Another possibility to explain the differences in GPi and STN stimulation over time is that the GPi site may have greater influence on PIGD in the medicated state by its more direct connections to the motor and premotor cortex via the thalamus or because of activation of axons of passage in dorsolateral GPi to the midbrain.⁴² Increased understanding of the mechanism of DBS and the pathophysiology of the basal ganglia are needed to resolve this issue. Recent studies examining stimulation optimization have shown improved gait and balance by stimulating at lower frequencies (∼60 Hz) in STN,⁴³ or stimulating lower contacts (inside SNr).⁴⁴ The stimulation frequencies were similar among the articles in the current analysis (table 1); however, subtle differences in site-specific responses to the stimulation settings may have some bearing on the response.

Cardinal signs, compared to the treated state before surgery, are improved with DBS alone and combined with medication therapy out to 5 years after surgery. DBS is generally considered to be a symptomatic treatment that does not modify the disease progression. However, these results are consistent with a disease-modifying effect.

Possible disease-modifying effects.

Motor function examined with the stimulator turned off may better reveal the natural state of the disease and whether DBS has modified progression of motor symptoms. A handful of the long-term studies report these effects. Cardinal signs of tremor and rigidity were not significantly different between the OFF DBS/OFF medication state 4 to 5 years postsurgery and the OFF medication presurgery^21–24 but bradykinesia had worsened somewhat.^21–23 In contrast, PIGD scores OFF DBS and OFF medication had deteriorated significantly 4 to 5 years after DBS, compared to the pre-DBS OFF medication scores.^21–23 Two of these studies tested patients with the stimulator turned off for 10-12 hours.^21,22 Given this long duration, it is unlikely that the cardinal symptoms were affected by lingering benefit from the stimulation.⁴¹ Unfortunately, there are currently no longitudinal studies of patients with PD who are candidates for DBS but who did not get DBS surgery to compare the natural history of symptom progression at this stage of the disease.

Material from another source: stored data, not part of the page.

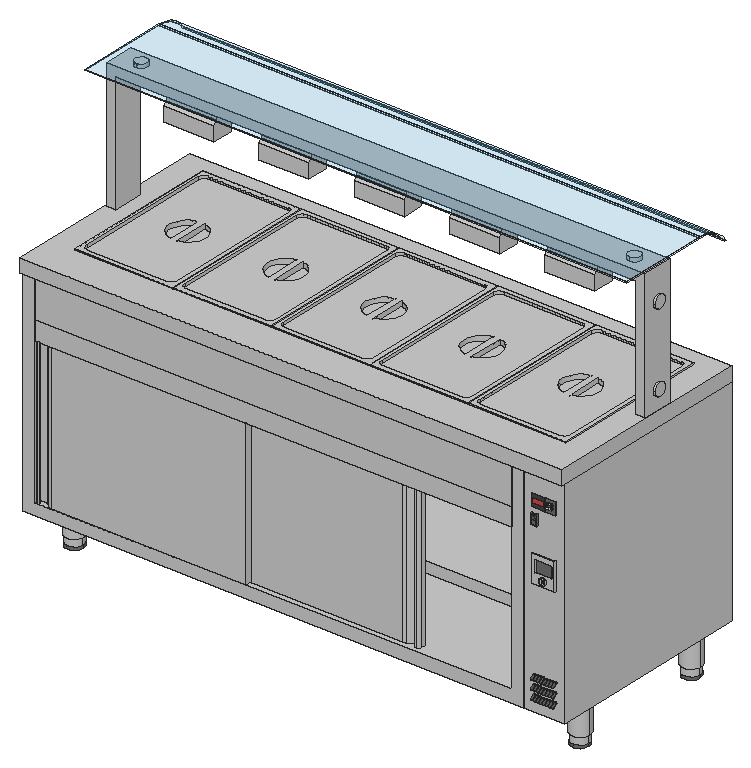
Revit family "QF_INOMAK_MJV718_250606032425", category Specialty Equipment, Revit 2021
Family settings
  Round Connector Dimension = Use Diameter
  Part Type = Normal
  OmniClass Number = 23.40.40.14
  OmniClass Title = Food Service Equipment
  Work Plane-Based = No
  Always vertical = Yes
  Cut with Voids When Loaded = No
  Shared = No
  Room Calculation Point = No
Parameters (values of type "MJV718")
  Weight [instance] = 101.00 kg
  Waste Water Discharge Temperature [instance] = 0 °C
  Waste Remarks [instance] = ""
  Warranty Start Date [instance] = ""
  Warranty Duration [instance] = ""
  Volts [instance] = 400 V
  Volt Free Conn [instance] = no
  URL Recommended Spares List [instance] = ""
  URL Manufacturer [instance] = ""
  URL Cutsheet [instance] = ""
  URL Critical Spares List [instance] = ""
  URL = "www.inomak.com"
  Technical Documentation [instance] = ""
  Tag Number [instance] = ""
  Status [instance] = ""
  Start Up Current [instance] = 0 A
  Specification by User [instance] = ""
  Specification by Manufacturer [instance] = ""
  Sound Level [instance] = ""
  Show Logo [instance] = yes
  Show Clearances [instance] = yes
  Service Life Duration [instance] = ""
  Serial Number [instance] = ""
  Seismic Rating [instance] = ""
  SMACNA No [instance] = ""
  Revision Code [instance] = ""
  Revision [instance] = ""
  Production Year [instance] = ""
  Potential Equalisation [instance] = no
  Point Load [instance] = 0
  Plumbing Remarks [instance] = ""
  Plumbing Connection Type [instance] = ""
  Phase [instance] = 3
  Other Equipment Approvals [instance] = ""
  Operational Current [instance] = 0 A
  Odor Trap Included [instance] = no
  Number of Poles [instance] = 3
  No Load Power Draw [instance] = no
  National Water Regulation Certification [instance] = no
  NAFEM Spec ID Number [instance] = ""
  Model Warning [instance] = ""
  Model = "MJV718"
  Min Ckt Ampacity [instance] = 0 A
  Max Overcurrent Protection [instance] = 25 A
  Masterspec [instance] = ""
  Manufacturer = "INOMAK"
  Main switch integrated [instance] = no
  Length Actual [instance] = 1792 mm
  Item Number [instance] = ""
  Installed By [instance] = ""
  Installation Date [instance] = ""
  Indirect Waste Size [instance] = 25.4 mm
  Indirect Waste Remarks [instance] = ""
  Indirect Waste Flow [instance] = 0.0 L/s
  Indirect Waste Connection Type [instance] = ""
  Indirect Waste Connection Height [instance] = 0 mm
  Identify Quantity as Lot [instance] = no
  ID [instance] = ""
  Hygiene Approval [instance] = ""
  Height Actual [instance] = 1313 mm
  HP power [instance] = ""
  Furnished By [instance] = ""
  Foodservice Equipment Identifier [instance] = no
  FL Amps [instance] = 22.3 A
  Electrical Remarks [instance] = ""
  Electric power [instance] = 5090 W
  Electric Connection Type [instance] = ""
  Elec Conn RI Height [instance] = 0 mm
  Elec Conn Connection Height [instance] = 0 mm
  ETL Approved [instance] = no
  Direct Waste Water Discharge Temperature [instance] = -273.15 °C
  Direct Waste Size [instance] = 25.4 mm
  Direct Waste RI Height [instance] = 0 mm
  Direct Waste Flow [instance] = 0.0 L/s
  Direct Waste Connection Height [instance] = 0 mm
  Description = "BAIN MARIE ON HEATED CUPBOARD WITH 4 GN PANS CAPACITY AND SINGLE SNEEZE GUARD"
  Depth Actual [instance] = 700 mm
  Default Elevation = 0 mm
  Cycle [instance] = 50 Hz
  Cost = 0
  Connection to energy optimisation system [instance] = yes
  Conn Plug [instance] = ""
  Conn Conduit [instance] = no
  Cold Water Temperature Recommended [instance] = 0 °C
  Cold Water Size [instance] = 12.7 mm
  Cold Water Remarks [instance] = ""
  Cold Water RI Height [instance] = 0 mm
  Cold Water Quality [instance] = ""
  Cold Water Minimum Pressure [instance] = 200000.0 Pa
  Cold Water Maximum Pressure [instance] = 600000.0 Pa
  Cold Water Flow [instance] = 0.0 L/s
  Cold Water Connection Type [instance] = ""
  Cold Water Connection Height [instance] = 0 mm
  Centralized building control system with digital interface [instance] = ""
  CSI MasterFormat [instance] = ""
  CE Approved [instance] = no
  Barcode [instance] = 0
  Author [instance] = ""
  Asset Identifier [instance] = ""
  Apparent Power [instance] = 5090 VA
  Accessory [instance] = no
Reference planes
  plane 1 "Center (Front/Back)": y = 0
  plane 2: z = 0
  plane 3 "Center (Left/Right)": x = 0
Forms (mm)
  Extrusion 1, solid, not visible
    sketch origin (110.005, -510.025, 142.007) x (1, 0, 0) y (0, 1, 0)
      loop
        line (-2, 2) -> (-2, -2) -> (2, -2) -> (2, 2) -> (-2, 2)
    from -2 to 2
  Extrusion 2, solid, not visible
    sketch origin (110.005, -410.02, 142.007) x (1, 0, 0) y (0, 1, 0)
      loop
        line (-2, 2) -> (-2, -2) -> (2, -2) -> (2, 2) -> (-2, 2)
    from -2 to 2
  Extrusion 3, solid, not visible
    sketch origin (1745.085, -635.031, 142.007) x (1, 0, 0) y (0, 1, 0)
      loop
        line (-2, 2) -> (-2, -2) -> (2, -2) -> (2, 2) -> (-2, 2)
    from -2 to 2
Dimensions and locks
  locked: nested 2 to Extrusion 1 at 2  (x2)
  locked: nested 3 to Extrusion 2 at 2  (x2)
  locked: nested 4 to Extrusion 3 at 2  (x2)
  aligned and locked: level to plane 2
Nested families
  nested 1: "QF_INOMAK_CUPBOARD_BAIN_MARIES_1795_2920" at (0, 0, 140), type "MJV718"
    with Weight 101.00 kg, Warranty Start Date "", Warranty Duration "", URL Cutsheet "", Technical Documentation "", Tag Number "", Status "", Specification by User "", Specification by Manufacturer "", Sound Level "", Solid Fuel Type "", Show Logo yes, Show Clearances yes, Service Life Duration "", Serial Number "", Seismic Rating "", SMACNA No "", Revision Code "", Revision "", Production Year "", Point Load 0, Other Equipment Approvals "", NAFEM Spec ID Number "", Model Warning "", Masterspec "", Length Actual 1792 mm, Item Number "", Installed By "", Installation Date "", Identify Quantity as Lot yes, ID "", Hygiene Approval "", Height Actual 1313 mm, Furnished By "", Foodservice Equipment Identifier yes, ETL Approved yes, Depth Actual 700 mm, CSI MasterFormat "", CE Approved yes, Barcode "", Author "", Asset Identifier "", Accessory no
  nested 2: "CONN_POINT_COLDWATER_2D___Generic_Annotation" at (110.005, -510.025, 140.007), type "CONN_POINT_COLDWATER_2D___Generic_Annotation"
    with Onboard connection annotation symbol visibility yes
  nested 3: "CONN_POINT_DRAIN_2D___Generic_Annotation" at (110.005, -410.02, 140.007), type "CONN_POINT_DRAIN_2D___Generic_Annotation"
    with Onboard connection annotation symbol visibility yes
  nested 4: "CONN_POINT_ELE_2D___Generic_Annotation" at (1745.085, -635.031, 140.007), type "CONN_POINT_ELE_2D___Generic_Annotation"
    with Onboard connection annotation symbol visibility yes
  nested 5: "QF_INOMAK_HEAT_WORKTOPS_HTSS_1795_5089" at (0, 0, 896), type "HTSS-1795-630"
    with Weight 0.00 kg, Warranty Start Date "", Warranty Duration "", URL Cutsheet "", Technical Documentation "", Tag Number "", Status "", Specification by User "", Specification by Manufacturer "", Sound Level "", Solid Fuel Type "", Show Logo yes, Show Clearances yes, Service Life Duration "", Serial Number "", Seismic Rating "", SMACNA No "", Revision Code "", Revision "", Production Year "", Point Load 0, Other Equipment Approvals "", NAFEM Spec ID Number "", Model Warning "", Masterspec "", Length Actual 1792 mm, Item Number "", Installed By "", Installation Date "", Identify Quantity as Lot yes, ID "", Hygiene Approval "", Height Actual 440 mm, Furnished By "", Foodservice Equipment Identifier yes, ETL Approved yes, Depth Actual 630 mm, CSI MasterFormat "", CE Approved yes, Barcode "", Author "", Asset Identifier "", Accessory yes
  nested 6: "QF_INOMAK_LEGS_6222" at (0, 0, 0), type "LG-1795-700"
    with Weight 0.00 kg, Warranty Start Date "", Warranty Duration "", URL Cutsheet "", Technical Documentation "", Tag Number "", Status "", Specification by User "", Specification by Manufacturer "", Sound Level "", Solid Fuel Type "", Show Logo yes, Show Clearances yes, Service Life Duration "", Serial Number "", Seismic Rating "", SMACNA No "", Revision Code "", Revision "", Production Year "", Point Load 0, Other Equipment Approvals "", NAFEM Spec ID Number "", Model Warning "", Masterspec "", Length Actual 1792 mm, Item Number "", Installed By "", Installation Date "", Identify Quantity as Lot yes, ID "", Hygiene Approval "", Height Actual 140 mm, Furnished By "", Foodservice Equipment Identifier yes, ETL Approved yes, Depth Actual 700 mm, CSI MasterFormat "", CE Approved yes, Barcode "", Author "", Asset Identifier "", Accessory yes
Connectors
  piping at (110.005, -510.025, 140.007), diameter 12.7, driven by "Cold Water Size", driven by "Cold Water Flow"
    settings: on Extrusion 1, index 1, connector inside diameter 609.6 mm, connector length 0 mm, flow factor 0, pipe flow 0.0 L/s, pressure drop 0.0 Pa, fitting loss kfactor 0, connector angle 0.00°, fixture units 0, engagement length 0 mm, angle of deflection 0.00°, flow configuration 1, flow direction 1, fitting loss method 0, system type 20, joint type 0, gender type 0, connector reference index -1, connector utility 0, adjustable connector no, is connector primary yes, connector description "Cold Water connection for MJV718"
  piping at (110.005, -410.02, 140.007), diameter 25.4, driven by "Indirect Waste Size", driven by "Direct Waste Flow"
    settings: on Extrusion 2, index 2, connector inside diameter 609.6 mm, connector length 0 mm, flow factor 0, pipe flow 0.0 L/s, pressure drop 0.0 Pa, fitting loss kfactor 0, connector angle 0.00°, fixture units 0, engagement length 0 mm, angle of deflection 0.00°, flow configuration 1, flow direction 2, fitting loss method 0, system type 16, joint type 0, gender type 0, connector reference index -1, connector utility 0, adjustable connector no, is connector primary no, connector description "Waste connection for MJV718"
  electrical at (1745.085, -635.031, 140.007), driven by "Apparent Power", driven by "Number of Poles", driven by "Volts"
    settings: on Extrusion 3, index 3, voltage 400 V, apparent load 0 VA, apparent load phase1 5090 VA, apparent load phase2 0 VA, apparent load phase3 0 VA, power factor 1, load classification "Other", number of poles 3, system type 31, power factor state 1, is connector primary yes, connector utility no, sub classification motor no, connector description "Electrical connection for MJV718"
Definition of nested family "QF_INOMAK_CUPBOARD_BAIN_MARIES_1795_2920"
  Parameters (values of type "MDV718")
    Weight [instance] = 0.00 kg
    Warranty Start Date [instance] = ""
    Warranty Duration [instance] = ""
    URL Cutsheet [instance] = ""
    URL = "www.inomak.com"
    Technical Documentation [instance] = ""
    Tag Number [instance] = ""
    Status [instance] = ""
    Specification by User [instance] = ""
    Specification by Manufacturer [instance] = ""
    Sound Level [instance] = ""
    Solid Fuel Type [instance] = ""
    Show Logo [instance] = yes
    Show Clearances [instance] = yes
    Service Life Duration [instance] = ""
    Serial Number [instance] = ""
    Seismic Rating [instance] = ""
    SMACNA No [instance] = ""
    Revision Code [instance] = ""
    Revision [instance] = ""
    Production Year [instance] = ""
    Point Load [instance] = 0
    Other Equipment Approvals [instance] = ""
    NAFEM Spec ID Number [instance] = ""
    Model Warning [instance] = ""
    Model = "MDV718"
    Masterspec [instance] = ""
    Manufacturer = "INOMAK"
    Length Actual [instance] = 0 mm
    Item Number [instance] = ""
    Installed By [instance] = ""
    Installation Date [instance] = ""
    Identify Quantity as Lot [instance] = yes
    ID [instance] = ""
    Hygiene Approval [instance] = ""
    Height Actual [instance] = 0 mm
    Furnished By [instance] = ""
    Foodservice Equipment Identifier [instance] = yes
    ETL Approved [instance] = yes
    Description = "BAIN MARIE ON CUPBOARD WITH 4 GN PANS CAPACITY"
    Depth Actual [instance] = 0 mm
    Default Elevation = 0 mm
    CSI MasterFormat [instance] = ""
    CE Approved [instance] = yes
    Barcode [instance] = ""
    Author [instance] = ""
    Asset Identifier [instance] = ""
    Assembly Code = "E1090320"
    Accessory [instance] = yes
  Types (10, lengths in mm): name | Model | Description
    MFV718 | "MFV718" | "BAIN MARIE ON CUPBOARD WITH 4 GN PANS CAPACITY AND SHOWCASE"
    MHV718 | "MHV718" | "BAIN MARIE ON HEATED CUPBOARD WITH 4 GN PANS CAPACITY"
    MJV718 | "MJV718" | "BAIN MARIE ON HEATED CUPBOARD WITH 4 GN PANS CAPACITY AND SINGLE SNEEZE GUARD"
    MQV718 | "MQV718" | "BAIN MARIE ON HEATED CUPBOARD WITH 4 GN PANS CAPACITY AND DOUBLE SNEEZE GUARD"
    MISQ718 | "MISQ718" | "BAIN MARIE ON HEATED CUPBOARD WITH 4 GN PANS CAPACITY AND SQUARE SHOWCASE"
    MDV718 | "MDV718" | "BAIN MARIE ON CUPBOARD WITH 4 GN PANS CAPACITY"
    MVV718 | "MVV718" | "BAIN MARIE ON CUPBOARD WITH 4 GN PANS CAPACITY AND SINGLE SNEEZE GUARD"
    MRV718 | "MRV718" | "BAIN MARIE ON CUPBOARD WITH 4 GN PANS CAPACITY AND DOUBLE SNEEZE GUARD"
    MFSQ718 | "MFSQ718" | "BAIN MARIE ON CUPBOARD WITH 4 GN PANS CAPACITY AND SQUARE SHOWCASE"
    MIV718 | "MIV718" | "BAIN MARIE ON HEATED CUPBOARD WITH 4 GN PANS CAPACITY AND SHOWCASE"
  Reference planes
    plane 1 "Back": y = 0
    plane 2: z = 0
    plane 3 "Left": x = 0
    plane 4 "Right": x = 1792
    plane 5 "Front": y = -700
    plane 6 "Top": z = 756
  Forms (mm)
    Extrusion 1, solid
      sketch origin (1168.283, -707, -123.631) x (-1, 0, 0) y (0, 0, 1)
        loop
          arc (-522.253, 235.165) -> (-526.351, 236.263) -> (-527.449, 232.165) r 3
          line (-527.449, 232.165) -> (-518.449, 216.577)
          arc (-518.449, 216.577) -> (-514.351, 215.479) -> (-513.253, 219.577) r 3
          line (-513.253, 219.577) -> (-522.253, 235.165)
        loop
          arc (-532.253, 235.165) -> (-536.351, 236.263) -> (-537.449, 232.165) r 3
          line (-537.449, 232.165) -> (-528.449, 216.577)
          arc (-528.449, 216.577) -> (-524.351, 215.479) -> (-523.253, 219.577) r 3
          line (-523.253, 219.577) -> (-532.253, 235.165)
        loop
          arc (-542.253, 235.165) -> (-546.351, 236.263) -> (-547.449, 232.165) r 3
          line (-547.449, 232.165) -> (-538.449, 216.577)
          arc (-538.449, 216.577) -> (-534.351, 215.479) -> (-533.253, 219.577) r 3
          line (-533.253, 219.577) -> (-542.253, 235.165)
        loop
          arc (-552.253, 235.165) -> (-556.351, 236.263) -> (-557.449, 232.165) r 3
          line (-557.449, 232.165) -> (-548.449, 216.577)
          arc (-548.449, 216.577) -> (-544.351, 215.479) -> (-543.253, 219.577) r 3
          line (-543.253, 219.577) -> (-552.253, 235.165)
        loop
          arc (-562.253, 235.165) -> (-566.351, 236.263) -> (-567.449, 232.165) r 3
          line (-567.449, 232.165) -> (-558.449, 216.577)
          arc (-558.449, 216.577) -> (-554.351, 215.479) -> (-553.253, 219.577) r 3
          line (-553.253, 219.577) -> (-562.253, 235.165)
        loop
          arc (-572.253, 235.165) -> (-576.351, 236.263) -> (-577.449, 232.165) r 3
          line (-577.449, 232.165) -> (-568.449, 216.577)
          arc (-568.449, 216.577) -> (-564.351, 215.479) -> (-563.253, 219.577) r 3
          line (-563.253, 219.577) -> (-572.253, 235.165)
        loop
          arc (-582.253, 235.165) -> (-586.351, 236.263) -> (-587.449, 232.165) r 3
          line (-587.449, 232.165) -> (-578.449, 216.577)
          arc (-578.449, 216.577) -> (-574.351, 215.479) -> (-573.253, 219.577) r 3
          line (-573.253, 219.577) -> (-582.253, 235.165)
        loop
          arc (-592.253, 235.165) -> (-596.351, 236.263) -> (-597.449, 232.165) r 3
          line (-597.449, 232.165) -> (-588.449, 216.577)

DBS may slow functional progression because patients are more active and exercising more after surgery. In rodent models of PD, exercise has been shown to have neuroprotective benefits, preventing dopaminergic neuronal loss in regions of the basal ganglia.^45–47 There also is evidence that exercise may improve function without preserving dopaminergic neurons^48,49 presumably through compensatory mechanisms. In human subjects with PD, treadmill training has produced improvements in gait, quality of life, and levodopa efficacy.^50–52 So although the precise mechanisms remain to be determined, there is growing evidence that physical activity can curb the rate of motor function decline.

Limitations.

Assertions about the relative benefits of GPi over STN surgery for PIGD must be tempered by the fact that fewer long-term studies of GPi stimulation exist and there are no randomized control subjects without surgery. This meta-regression suggests the possibility that GPi may be a superior site for DBS to maintain posture and balance associated with PD and stresses the need for more studies of DBS in the GPi to determine whether this is unequivocally the case.

A problem with studies stretching over many years is that the data belong to subjects who survived for the duration of the study, and neglect those who died along the way. All studies had dropouts; overall 11% of the original recruits died before the final assessment for various reasons.